Crown vetch blooms purple and wild along the ditch,

a skeleton of a prairie dog lies fractured at my feet

and I walk with a woman

who teaches children

and then she’s gone,

I can tear off my mask, breathe,

and return to you.

 

I ask, what will our children see when we’re gone?

and you with the flipside of my ancestor’s bloodlines,

that tail of our coin, our silver children.

My cousin sends me a picture of his tall son

whom I’ve never met, in Texas along the Gulf Coast.

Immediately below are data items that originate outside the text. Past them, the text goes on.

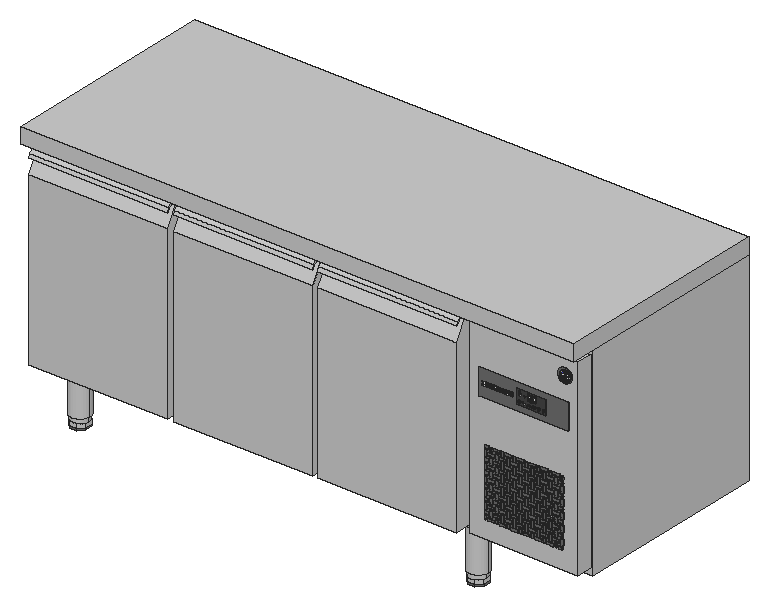
Revit family "QF_HOSHIZAKI_899020840", category Specialty Equipment, Revit 2016 (continued)
Definition of nested family "QF_HOSHIZAKI_ADVANCE_REF-COUNTER-DOORS-DRAWERS"
  Definition of nested family "Left_Door"
    Automatic sketch dimensions
      Extrusion 2 sketch curve to Extrusion 2 sketch curve = 18.812 mm
      Extrusion 2 sketch curve to plane 7 "Front door" = 11 mm
      Extrusion 2 sketch curve to plane 10 = 66.98 mm
      Extrusion 2 sketch curve to plane 10 = 20.008 mm
      Extrusion 2 sketch curve to Extrusion 2 sketch curve = 0.877 mm  (x2)
  Definition of nested family "3_Drawers_1-3"
    Parameters (values of type "3 Drawers 1-3")
      Worktop thickness [instance] = 50 mm
      URL = "www.specifiglobal.com"
      Section size [instance] = 446 mm
      Model = ""
      Manufacturer = "DEMO CONSULTANT"
      Legs height [instance] = 150 mm
      Height Actual [instance] = 850 mm
      Description = ""
      Depth Actual [instance] = 700 mm
      Assembly Code = "E1090320"
      3 Drawers = yes
    Reference planes
      plane 1 "Back": y = 0
      plane 2: z = 0
      plane 3 "Left": x = 0
      plane 4 "Right": x = 446
      plane 5 "Front": y = -700
      plane 6 "Top": z = 850
      plane 7 "Front door": y = -633
      plane 8 "Bottom shelf": z = 150
      plane 9 "Worktop bottom": z = 800
      plane 10: z = 784
      plane 11: z = 170
      plane 12: z = 584
      plane 13: z = 577
      plane 14: z = 370
      plane 15: z = 377
      plane 16: z = 580.5
      plane 17: z = 373.5
      plane 18: z = 166.5
      plane 19: z = 787.5
    Forms (mm)
      Extrusion 1, solid, visible <- "3 Drawers"
        sketch origin (860, -633, 4000) x (-1, 0, 0) y (0, 0, 1)
          loop
            line (852, -3224) -> (422, -3224) -> (422, -3408) -> (852, -3408) -> (852, -3224)
          loop
            line (823, -3253) -> (451, -3253) -> (451, -3379) -> (823, -3379) -> (823, -3253)
        from 0 to -11
      Extrusion 2, solid, visible <- "3 Drawers"
        sketch origin (0, 0, 0) x (0, 1, 0) y (0, 0, 1)
          loop
            line (-644, 784) -> (-675.296, 784)
            arc (-675.296, 784) -> (-683.245, 781.721) -> (-688.778, 775.576) r 15
            line (-688.778, 775.576) -> (-694, 764.869) -> (-692.202, 763.992) -> (-686.981, 774.699)
            arc (-686.981, 774.699) -> (-682.185, 780.025) -> (-675.296, 782) r 13
            line (-675.296, 782) -> (-656.484, 782) -> (-694, 717.02) -> (-694, 584) -> (-644, 584) -> (-644, 784)
        from 0 to 446
      Extrusion 3, solid, visible <- "3 Drawers"
        sketch origin (0, 0, -237.3) x (0, 1, 0) y (0, 0, 1)
          loop
            line (-644, 814.3) -> (-675.296, 814.3)
            arc (-675.296, 814.3) -> (-683.245, 812.021) -> (-688.778, 805.876) r 15
            line (-688.778, 805.876) -> (-694, 795.169) -> (-692.202, 794.292) -> (-686.981, 804.999)
            arc (-686.981, 804.999) -> (-682.185, 810.325) -> (-675.296, 812.3) r 13
            line (-675.296, 812.3) -> (-656.484, 812.3) -> (-694, 747.32) -> (-694, 614.3) -> (-644, 614.3) -> (-644, 814.3)
        from 0 to 446
      Extrusion 4, solid, visible <- "3 Drawers"
        sketch origin (0, 0, -463.333) x (0, 1, 0) y (0, 0, 1)
          loop
            line (-644, 833.333) -> (-675.296, 833.333)
            arc (-675.296, 833.333) -> (-683.245, 831.054) -> (-688.778, 824.909) r 15
            line (-688.778, 824.909) -> (-694, 814.202) -> (-692.202, 813.326) -> (-686.981, 824.032)
            arc (-686.981, 824.032) -> (-682.185, 829.358) -> (-675.296, 831.333) r 13
            line (-675.296, 831.333) -> (-656.484, 831.333) -> (-694, 766.353) -> (-694, 633.333) -> (-644, 633.333) -> (-644, 833.333)
        from 0 to 446
      Extrusion 5, solid, visible <- "3 Drawers"
        sketch origin (860, -633, 3773.7) x (-1, 0, 0) y (0, 0, 1)
          loop
            line (852, -3204.7) -> (422, -3204.7) -> (422, -3388.7) -> (852, -3388.7) -> (852, -3204.7)
          loop
            line (823, -3233.7) -> (451, -3233.7) -> (451, -3359.7) -> (823, -3359.7) -> (823, -3233.7)
        from 0 to -11
      Extrusion 6, solid, visible <- "3 Drawers"
        sketch origin (860, -633, 3547) x (-1, 0, 0) y (0, 0, 1)
          loop
            line (852, -3185) -> (422, -3185) -> (422, -3369) -> (852, -3369) -> (852, -3185)
          loop
            line (823, -3214) -> (451, -3214) -> (451, -3340) -> (823, -3340) -> (823, -3214)
        from 0 to -11
      Extrusion 7, solid, visible <- "3 Drawers", detail levels coarse
        sketch origin (0, -608.657, 584) x (0, 1, 0) y (-1, 0, 0)
          loop
            line (-85.343, 0) -> (-551.343, 0) -> (-551.343, -446) -> (-85.343, -446) -> (-85.343, 0)
        from 0 to 200
      Extrusion 8, solid, visible <- "3 Drawers", detail levels coarse
        sketch origin (0, -503.657, 377) x (0, 1, 0) y (-1, 0, 0)
          loop
            line (-190.343, 0) -> (-656.343, 0) -> (-656.343, -446) -> (-190.343, -446) -> (-190.343, 0)
        from 0 to 200
      Extrusion 9, solid, visible <- "3 Drawers", detail levels coarse
        sketch origin (0, -343.657, 170) x (0, 1, 0) y (-1, 0, 0)
          loop
            line (-350.343, 0) -> (-816.343, 0) -> (-816.343, -446) -> (-350.343, -446) -> (-350.343, 0)
        from 0 to 200
    Lines and regions (mm)
      symbolic lines, visible <- "3 Drawers"
        curve 1: line (0, -808, 850) -> (0, -854, 850)
        curve 2: line (0, -854, 850) -> (446, -854, 850)
        curve 3: line (446, -854, 850) -> (446, -808, 850)
        curve 4: line (446, -808, 850) -> (0, -808, 850)
        curve 5: line (416, -808, 850) -> (416, -700, 850)
        curve 6: line (30, -808, 850) -> (30, -700, 850)
        curve 7: line (0, -961, 850) -> (0, -1007, 850)
        curve 8: line (0, -1007, 850) -> (446, -1007, 850)
        curve 9: line (446, -1007, 850) -> (446, -961, 850)
        curve 10: line (446, -961, 850) -> (0, -961, 850)
        curve 11: line (416, -961, 850) -> (416, -854, 850)
        curve 12: line (30, -961, 850) -> (30, -854, 850)
        curve 13: line (0, -1114, 850) -> (0, -1160, 850)
        curve 14: line (0, -1160, 850) -> (446, -1160, 850)
        curve 15: line (446, -1160, 850) -> (446, -1114, 850)
        curve 16: line (446, -1114, 850) -> (0, -1114, 850)
        curve 17: line (416, -1114, 850) -> (416, -1007, 850)
        curve 18: line (30, -1114, 850) -> (30, -1007, 850)
    Dimensions and locks
      "Section size": plane 3 "Left" to plane 4 "Right"
      "Depth Actual": plane 5 "Front" to plane 1 "Back"
      "Height Actual": plane 6 "Top" to level
      locked: plane 7 "Front door" to plane 5 "Front" at 67
      "Legs height": plane 8 "Bottom shelf" to plane 2
      "Worktop thickness": plane 6 "Top" to plane 9 "Worktop bottom"
      locked: plane 11 to plane 8 "Bottom shelf" at 20
      locked: plane 9 "Worktop bottom" to plane 10 at 16
      locked: plane 12 to plane 13 at 7
      locked: plane 15 to plane 14 at 7
      locked: plane 11 to plane 18 at 3.5
      equal spacing: plane 12, plane 16, plane 13
      equal spacing: plane 15, plane 17, plane 14
      locked: plane 19 to plane 10 at 3.5
      equal spacing: plane 19, plane 16, plane 17, plane 18
      aligned and locked: level to plane 2
      aligned and locked: Extrusion 2 to plane 4 "Right"
      aligned and locked: Extrusion 3 to plane 4 "Right"
      aligned and locked: Extrusion 4 to plane 4 "Right"
      aligned and locked: plane 4 "Right" to Extrusion 7 sketch curve
      aligned and locked: plane 3 "Left" to Extrusion 7 sketch curve
      aligned and locked: Extrusion 7 to plane 10
      aligned and locked: Extrusion 8 to plane 13
      aligned and locked: Extrusion 9 to plane 14
      aligned and locked: plane 10 to Extrusion 2 sketch curve
      aligned and locked: Extrusion 2 sketch curve to plane 12
      aligned and locked: Extrusion 3 sketch curve to plane 15
      aligned and locked: plane 13 to Extrusion 3 sketch curve
    Automatic sketch dimensions
      plane 4 "Right" to Extrusion 1 sketch curve = 8 mm
      plane 4 "Right" to Extrusion 1 sketch curve = 37 mm
      plane 3 "Left" to Extrusion 1 sketch curve = 37 mm
      plane 3 "Left" to Extrusion 1 sketch curve = 8 mm
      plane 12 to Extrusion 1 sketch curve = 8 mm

My sister sends me a photo of her son at a lake

in Georgia, playing with plastic cats

and you and our son just left to climb in a canyon in Utah,

he with rope slung over his shoulder,

you tugging at your blue hat.

 

And what would you do with me in the unimagined prairie?

What will our son see when fevers

stop teasing mercury into the seas of our bodies

and I on my desk

with the abandoned turtle shell,

a pattern I can’t read,

a father buried,

a mother’s ashes on a shrine placed in a desk above

bills I can’t pay

and what will my children see when I’m gone?

 

I’ve loved you too long and not long enough,

that’s all I know,

and today the ditch is so full it’s almost flooding.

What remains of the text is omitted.